→ **Directions**
Whenever a line in the entries below contains "Полый", copy that line.

→ **Task material**
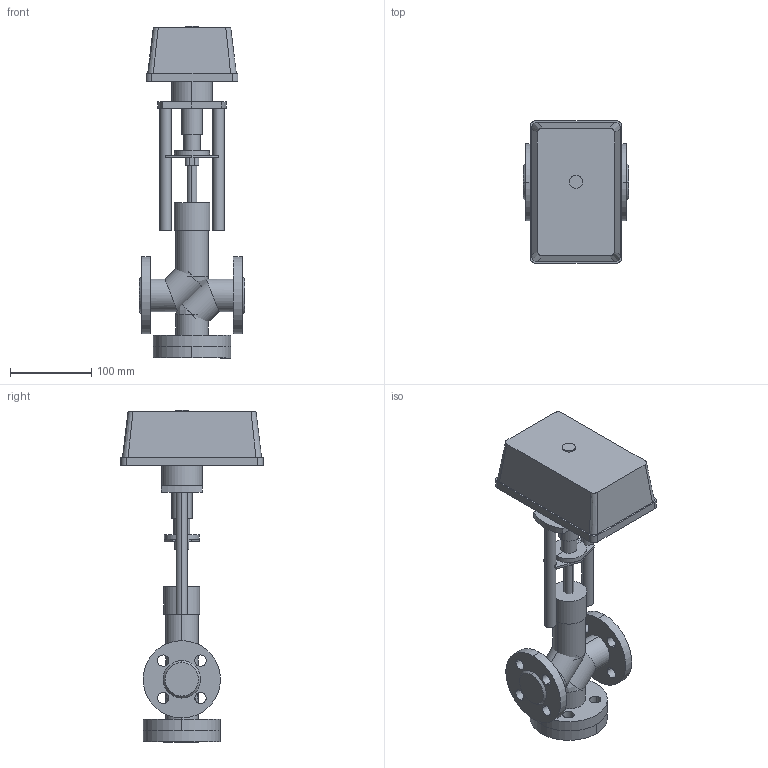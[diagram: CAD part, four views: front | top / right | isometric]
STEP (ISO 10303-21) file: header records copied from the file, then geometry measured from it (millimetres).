
FILE_DESCRIPTION(/* description */ (''),/* implementation_level */ '2;1');
FILE_NAME(/* name */ 'ТРК DN15 PN 1.6 МПа МИЭП-1 1600',/* time_stamp */ '2026-07-14T23:27:23+03:00',/* author */ (''),/* organization */ (''),/* preprocessor_version */ 'ST-DEVELOPER v20',/* originating_system */ '',/* authorisation */ '');
FILE_SCHEMA (('AP242_MANAGED_MODEL_BASED_3D_ENGINEERING_MIM_LF { 1 0 10303 442 1 1 4 }'));
Length unit declared in the file: millimetre
Products named in the file (14): TopLevelAssembly; Выдавливание; Модификатор; Модификатор_1; Выдавливание_
1; Выдавливание_
2; Вращение; Выдавливание_
3; Выдавливание_
4; 1600; Переход; Объемная геометрия 
присоединена; Полый Выдавливание; Объемная геометрия 
присоединена_1
Assembly tree (13 placements, depth 2):
  TopLevelAssembly
    Выдавливание
    Модификатор
    Модификатор_1
    Выдавливание_
1
    Выдавливание_
2
    Вращение
    Выдавливание_
3
    Выдавливание_
4
    1600
    Переход
    Объемная геометрия 
присоединена
    Полый Выдавливание
    Объемная геометрия 
присоединена_1
Bounding box: 130 x 175 x 408 mm (x, y, z)
Volume: 2029616.1 mm3; surface area: 293408.5 mm2
Topology: 23 solids, 23 shells, 171 faces, 357 edges, 226 vertices
Faces by surface type: cylinder 80, plane 79, bspline 8, cone 4
Entity records: 5224 total; most frequent: CARTESIAN_POINT 961, DIRECTION 909, ORIENTED_EDGE 698, AXIS2_PLACEMENT_3D 370, EDGE_CURVE 349, VERTEX_POINT 226, EDGE_LOOP 201, CIRCLE 172

→ **Task output**
присоединена; Полый Выдавливание; Объемная геометрия 
    Полый Выдавливание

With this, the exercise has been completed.